This study focuses on the dynamics of the ecological risk threshold in the upper Yangtze River under multi-reservoir joint water diversion conditions. Using a system dynamics approach, we developed a dynamic simulation model that integrates ecological risk threshold determination, eco-hydrological risk propagation, habitat suitability variation, and aquatic environmental carrying capacity. The model emphasizes the evolutionary patterns of four core ecological indicators—upper-reach ecological risk threshold, eco-hydrological risk level, habitat ecological risk level, and aquatic environmental ecological risk level. It reveals multiple feedback pathways linking water diversion, eco-hydrological conditions, and ecological risk, and conducts systematic simulations and comparative analyses across five scenarios (S0–S4). The main conclusions are as follows:
(1)
Simulation results indicate that the upper-reach ecological risk threshold exhibits distinct upstream–downstream propagation characteristics under different scenarios. The core mechanism can be conceptualized as a closed-loop structure of “water diversion strategy optimization → improvement of ecological flow and water quality conditions → reduction of ecological risk levels → expansion of threshold margins → feedback to enhance scheduling precision,” thereby achieving intrinsic coupling between ecological security and efficient water resource utilization.
(2)
Scenario comparisons show that:
① S1 (Outflow Optimization) most directly reduces eco-hydrological risk levels, with particularly notable improvements in the ecological risk threshold during the dry season, though it is less effective in mitigating aquatic environmental risks.
② S2 (Water Level Regulation) stabilizes reservoir water levels and moderates flow fluctuations, effectively lowering habitat ecological risks, but with smaller gains in the overall ecological risk threshold compared to S1 and S4.
③ S3 (Enhanced Ecological Diversion) performs best in reducing aquatic environmental risks, significantly improving downstream water quality, although it may exert pressure on upstream water level stability.
④ S4 (Comprehensive Scheduling Optimization) achieves balanced improvements across all four key indicators, resulting in the highest ecological risk threshold by the end of the simulation, concurrent reductions in both eco-hydrological and aquatic environmental risks, and superior overall adaptability relative to single-measure scenarios.
(3)
Overall, the improvement of the upper-reach ecological risk threshold cannot be achieved through single-mechanism regulation. Instead, it requires coordinated interventions targeting hydrological processes, ecological flow assurance, and water use structure. The findings suggest that ecological risk mitigation in multi-reservoir systems is fundamentally a problem of multi-dimensional coupling regulation, where the effectiveness of management strategies depends on their ability to simultaneously influence hydrodynamic stability, habitat conditions, and water quality processes. This highlights the necessity of adopting integrated scheduling frameworks to achieve long-term ecological resilience and system stability.

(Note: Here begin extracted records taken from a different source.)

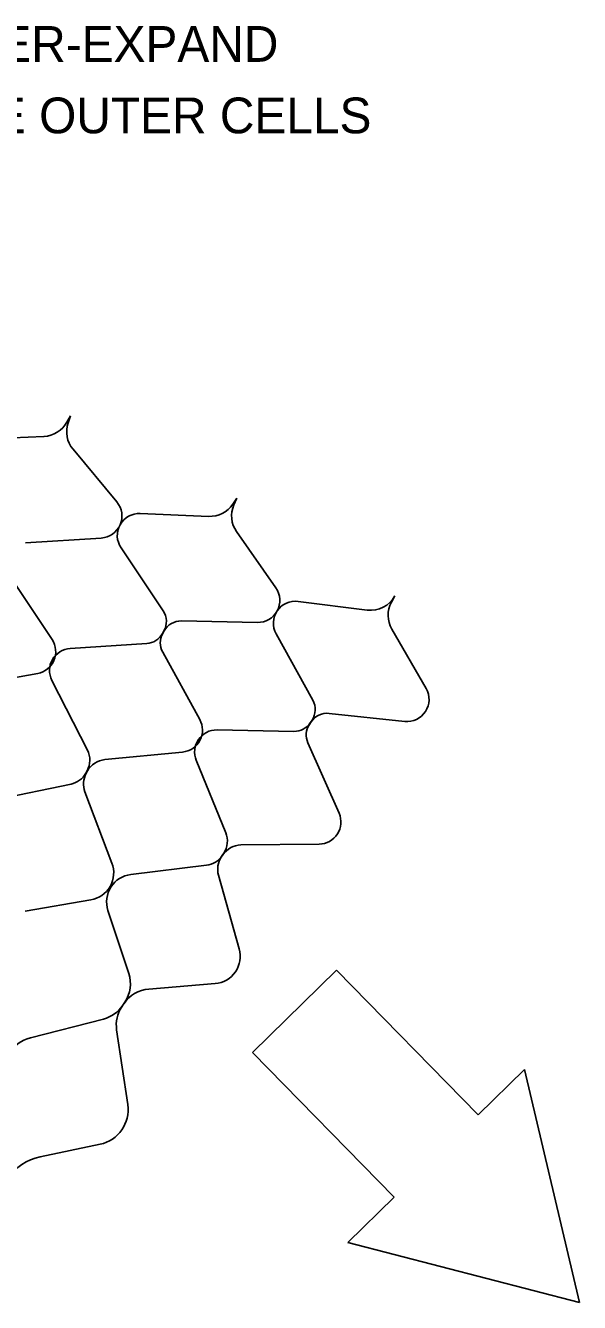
# Model space of a CAD drawing. Extents: x 638850 to 644908, y 297188 to 298900.
# Drawn here: x 644150.8 to 644194.2, y 297667.2 to 297767.2 of the extents above; entities that cross this region are included whole.
import ezdxf

# ---------------------------------------------------------------- set-up
doc = ezdxf.new("R2010")
doc.units = 0
for name, color, linetype in [('1', 7, 'Continuous'), ('3', 7, 'Continuous'), ('5', 7, 'Continuous'), ('50', 7, 'Continuous')]:
    doc.layers.add(name, color=color, linetype=linetype)

msp = doc.modelspace()

# ---------------------------------------------------------------- linework, layer by layer
at = {"layer": '1'}
for p, q in [((644168.593, 297686.779), (644175.177, 297693.222)), ((644175.177, 297693.222), (644186.261, 297681.896)), ((644179.677, 297675.453), (644168.593, 297686.779)), ((644186.261, 297681.896), (644189.89, 297685.447)), ((644189.89, 297685.447), (644194.179, 297667.219)), ((644176.048, 297671.901), (644179.677, 297675.453)), ((644194.179, 297667.219), (644176.048, 297671.901))]:
    msp.add_line(p, q, dxfattribs=at)
at = {"layer": '5'}
for p, q in [((644154.354, 297736.606), (644154.075, 297736.107)), ((644154.354, 297736.606), (644154.171, 297736.065)), ((644152.285, 297735.005), (644146.925, 297734.78)), ((644154.555, 297733.998), (644157.984, 297729.873)), ((644167.371, 297730.164), (644167.052, 297729.69)), ((644167.371, 297730.164), (644167.144, 297729.64)), ((644165.176, 297728.742), (644159.816, 297728.967)), ((644167.353, 297727.548), (644170.425, 297723.151)), ((644156.768, 297727.052), (644150.841, 297726.676)), ((644158.31, 297726.288), (644161.607, 297721.348)), ((644149.584, 297724.116), (644152.916, 297719.104)), ((644179.736, 297722.525), (644179.465, 297722.023)), ((644177.571, 297721.412), (644172.175, 297722.094)), ((644168.977, 297720.441), (644163.04, 297720.563)), ((644161.674, 297719.786), (644161.558, 297719.574)), ((644161.686, 297719.779), (644161.57, 297719.568)), ((644170.45, 297719.552), (644173.32, 297714.354)), ((644179.495, 297719.921), (644182.181, 297715.277)), ((644160.334, 297718.795), (644154.329, 297718.405)), ((644161.572, 297718.117), (644164.473, 297712.844)), ((644151.79, 297716.455), (644145.769, 297715.358)), ((644152.906, 297715.902), (644155.686, 297710.45)), ((644180.507, 297712.701), (644174.601, 297713.329)), ((644173.186, 297712.663), (644173.052, 297712.462)), ((644173.256, 297712.792), (644173.122, 297712.589)), ((644171.837, 297711.915), (644165.822, 297712.029)), ((644172.93, 297711.017), (644175.371, 297705.516)), ((644163.129, 297710.298), (644157.037, 297709.71)), ((644164.194, 297709.655), (644166.508, 297703.989)), ((644155.661, 297708.838), (644155.557, 297708.648)), ((644155.691, 297708.822), (644155.587, 297708.632)), ((644154.399, 297707.791), (644148.554, 297706.568)), ((644155.487, 297707.195), (644157.6, 297701.609)), ((644166.349, 297702.384), (644166.229, 297702.204)), ((644173.814, 297703.094), (644167.695, 297703.027)), ((644165.004, 297701.447), (644159.076, 297700.718)), ((644166.278, 297702.257), (644166.158, 297702.077)), ((644165.936, 297700.654), (644167.565, 297694.908)), ((644155.945, 297698.723), (644150.811, 297697.855)), ((644157.292, 297697.909), (644158.913, 297692.961)), ((644165.669, 297692.174), (644160.48, 297691.747)), ((644158.456, 297690.476), (644158.374, 297690.352)), ((644158.61, 297690.727), (644158.445, 297690.479)), ((644158.538, 297690.6), (644158.456, 297690.476)), ((644156.936, 297689.405), (644151.217, 297687.932)), ((644157.97, 297688.545), (644158.833, 297682.702)), ((644156.669, 297679.601), (644151.985, 297678.621))]:
    msp.add_line(p, q, dxfattribs=at)
for centre, radius, start, end in [((644152.195, 297737.157), 2.154, 272.40527, 330.82772), ((644156.211, 297735.375), 2.154, 161.31753, 219.73997), ((644156.659, 297728.771), 1.723, 273.63015, 39.73997), ((644165.266, 297730.894), 2.154, 267.6017, 326.02415), ((644169.119, 297728.782), 2.154, 156.51396, 214.9364), ((644159.744, 297727.245), 1.723, 87.6017, 213.71153), ((644169.013, 297722.164), 1.723, 268.82658, 34.9364), ((644177.841, 297723.549), 2.154, 262.79813, 331.62414), ((644160.352, 297720.511), 1.508, 331.22587, 33.71152), ((644171.959, 297720.384), 1.723, 82.79813, 208.90796), ((644181.36, 297720.999), 2.154, 151.61958, 210.04202), ((644163.009, 297719.055), 1.508, 88.82658, 151.31223), ((644160.236, 297720.3), 1.508, 273.72268, 331.22588), ((644162.893, 297718.844), 1.508, 151.31223, 208.81543), ((644151.481, 297718.15), 1.723, 280.32284, 33.619), ((644154.441, 297716.685), 1.723, 93.72267, 207.01884), ((644172, 297713.626), 1.508, 326.42241, 28.90795), ((644180.689, 297714.414), 1.723, 263.9322, 30.04202), ((644174.442, 297711.829), 1.508, 83.9322, 146.41785), ((644162.963, 297712.013), 1.723, 275.51927, 28.81543), ((644171.866, 297713.423), 1.508, 268.91911, 326.42241), ((644174.309, 297711.628), 1.508, 146.41785, 203.92105), ((644165.79, 297710.306), 1.723, 88.9191, 202.21527), ((644154.151, 297709.668), 1.723, 331.22593, 27.01884), ((644157.203, 297707.994), 1.723, 95.51927, 151.31218), ((644154.046, 297709.478), 1.723, 281.81504, 331.22593), ((644157.099, 297707.804), 1.723, 151.31218, 200.72306), ((644173.795, 297704.817), 1.723, 270.62489, 23.92105), ((644164.913, 297703.337), 1.723, 326.42236, 22.21527), ((644167.713, 297701.304), 1.723, 90.62489, 146.4178), ((644155.586, 297700.847), 2.154, 279.59867, 20.72307), ((644164.793, 297703.157), 1.723, 277.01147, 326.42236), ((644167.594, 297701.124), 1.723, 146.4178, 195.82868), ((644159.339, 297698.58), 2.154, 97.01147, 198.13586), ((644165.492, 297694.321), 2.154, 274.70429, 15.82869), ((644156.457, 297692.156), 2.585, 326.42236, 18.13587), ((644160.692, 297689.171), 2.585, 94.70429, 146.4178), ((644156.292, 297691.908), 2.585, 284.44152, 326.42236), ((644160.527, 297688.923), 2.585, 146.4178, 188.39863), ((644151.904, 297685.262), 2.757, 104.44153, 191.03059), ((644156.105, 297682.299), 2.757, 281.80956, 8.39863), ((644152.814, 297674.658), 4.049, 101.80956, 146.4178)]:
    msp.add_arc(centre, radius, start, end, dxfattribs=at)
at = {"layer": '50'}
for p, q in [((644154.075, 297736.107), (644154.354, 297736.606)), ((644154.354, 297736.606), (644154.171, 297736.065)), ((644146.925, 297734.78), (644152.285, 297735.005)), ((644154.555, 297733.998), (644157.984, 297729.873)), ((644167.052, 297729.69), (644167.371, 297730.164)), ((644167.371, 297730.164), (644167.144, 297729.64)), ((644159.816, 297728.967), (644165.176, 297728.742)), ((644167.353, 297727.548), (644170.425, 297723.151)), ((644156.768, 297727.052), (644150.841, 297726.676)), ((644161.607, 297721.348), (644158.31, 297726.288)), ((644179.736, 297722.525), (644179.465, 297722.023)), ((644172.175, 297722.094), (644177.571, 297721.412)), ((644168.977, 297720.441), (644163.04, 297720.563)), ((644173.32, 297714.354), (644170.45, 297719.552)), ((644179.495, 297719.921), (644182.181, 297715.277)), ((644180.507, 297712.701), (644174.601, 297713.329)), ((644173.186, 297712.663), (644173.052, 297712.462)), ((644173.052, 297712.462), (644173.122, 297712.589)), ((644173.122, 297712.589), (644173.256, 297712.792)), ((644155.587, 297708.632), (644155.557, 297708.648)), ((644154.399, 297707.791), (644148.554, 297706.568)), ((644157.6, 297701.609), (644155.487, 297707.195)), ((644165.004, 297701.447), (644159.076, 297700.718)), ((644166.158, 297702.077), (644166.229, 297702.204)), ((644167.565, 297694.908), (644165.936, 297700.654)), ((644150.811, 297697.855), (644155.945, 297698.723)), ((644157.292, 297697.909), (644158.913, 297692.961)), ((644168.593, 297686.779), (644175.177, 297693.222)), ((644175.177, 297693.222), (644186.261, 297681.896)), ((644160.48, 297691.747), (644165.669, 297692.174)), ((644158.61, 297690.727), (644158.445, 297690.479)), ((644158.445, 297690.479), (644158.456, 297690.476)), ((644158.456, 297690.476), (644158.538, 297690.6)), ((644179.677, 297675.453), (644168.593, 297686.779)), ((644186.261, 297681.896), (644189.89, 297685.447)), ((644189.89, 297685.447), (644194.179, 297667.219)), ((644176.048, 297671.901), (644179.677, 297675.453)), ((644194.179, 297667.219), (644176.048, 297671.901))]:
    msp.add_line(p, q, dxfattribs=at)
for centre, radius, start, end in [((644152.195, 297737.157), 2.154, 272.40527, 330.82772), ((644156.211, 297735.375), 2.154, 161.31753, 219.73997), ((644156.659, 297728.771), 1.723, 273.63015, 39.73997), ((644165.266, 297730.894), 2.154, 267.6017, 326.02415), ((644169.119, 297728.782), 2.154, 156.51396, 214.9364), ((644159.744, 297727.245), 1.723, 87.6017, 213.71153), ((644169.013, 297722.164), 1.723, 268.82658, 34.9364), ((644177.841, 297723.549), 2.154, 262.79813, 331.62414), ((644160.352, 297720.511), 1.508, 331.22587, 33.71152), ((644171.959, 297720.384), 1.723, 82.79813, 208.90796), ((644181.36, 297720.999), 2.154, 151.61958, 210.04202), ((644163.009, 297719.055), 1.508, 88.82658, 151.31223), ((644172, 297713.626), 1.508, 326.42241, 28.90795), ((644180.689, 297714.414), 1.723, 263.9322, 30.04202), ((644174.442, 297711.829), 1.508, 83.9322, 146.41785), ((644154.046, 297709.478), 1.723, 281.81504, 331.22593), ((644157.099, 297707.804), 1.723, 151.31218, 200.72306), ((644155.586, 297700.847), 2.154, 279.59867, 20.72307), ((644164.793, 297703.157), 1.723, 277.01147, 326.42236), ((644167.594, 297701.124), 1.723, 146.4178, 195.82869), ((644159.339, 297698.58), 2.154, 97.01147, 198.13586), ((644165.492, 297694.321), 2.154, 274.70429, 15.82868), ((644156.457, 297692.156), 2.585, 326.42236, 18.13587), ((644160.692, 297689.171), 2.585, 94.70429, 146.4178)]:
    msp.add_arc(centre, radius, start, end, dxfattribs=at)

# ---------------------------------------------------------------- texts
at = {"layer": '3'}
for s, p in [('OVER-EXPAND', (644143.378, 297764.321)), ('THE OUTER CELLS', (644143.378, 297758.726))]:
    msp.add_text(s, height=2.799, dxfattribs=at).set_placement(p)

doc.saveas('drawing.dxf')

5.2. Policy Recommendations and Limitations

(a)
Policy Recommendations
(1)
Implement phased ecological risk control: Establish minimum ecological flow and water quality thresholds for ecologically sensitive periods (e.g., fish spawning season, dry season) and integrate S1 outflow optimization with S3 ecological diversion to reduce synchronous peaks in eco-hydrological and aquatic environmental risks.
(2)
Optimize coordinated control of water level and ecological flow: Apply S2 water level regulation to reduce habitat disturbances from reservoir level fluctuations, and combine with the S4 comprehensive scheduling mode to maintain dynamic equilibrium of water levels and flows across the entire basin.
(3)
Establish cross-basin ecological risk joint prevention mechanisms: Integrate reservoir operation, fisheries protection, and water environment monitoring into a unified scheduling and evaluation platform, forming a multi-department collaborative ecological risk prevention and control system.
(b)
Limitations and Future Directions
(1)
The current model does not incorporate the impact of extreme climate events (e.g., sudden floods or prolonged droughts) on the ecological risk threshold. Future work should integrate climate scenario simulations for risk forecasting.
(2)
The model is primarily based on macro-scale hydrological and ecological risk indicators and does not capture micro-scale hydrodynamic processes within specific habitats. Subsequent research could employ high-resolution hydrodynamic–ecological coupled models to enhance spatial granularity.
(3)
Current ecological risk assessment mainly relies on hydrological and water quality conditions, without fully considering biodiversity and ecosystem structural changes. Future studies could introduce a multi-indicator integrated evaluation framework to achieve holistic “water quantity–water quality–biology” risk analysis.

Author Contributions

Conceptualization, Z.Z. and Y.L. (Yong Li); methodology, Z.Z. and P.T.; software, H.Y. and Y.P.; validation, Z.M., J.L. and L.N.; formal analysis, H.Y. and Y.P.; investigation, P.T. and Z.M.; resources, Y.L. (Yong Li) and Y.L. (Yun Lu); data curation, Y.P. and L.N.; writing—original draft preparation, Z.Z. and H.Y.; writing—review and editing, Y.L. (Yong Li), P.T. and Y.L. (Yun Lu); visualization, H.Y. and Y.P.; supervision, Y.L. (Yong Li) and Y.L. (Yun Lu); project administration, Y.L. (Yong Li); funding acquisition, J.L. All authors have read and agreed to the published version of the manuscript.

Funding

This research was funded by the National Key Research and Development Program of China (Grant No. 2022YFC3202403). And The APC was funded by the same.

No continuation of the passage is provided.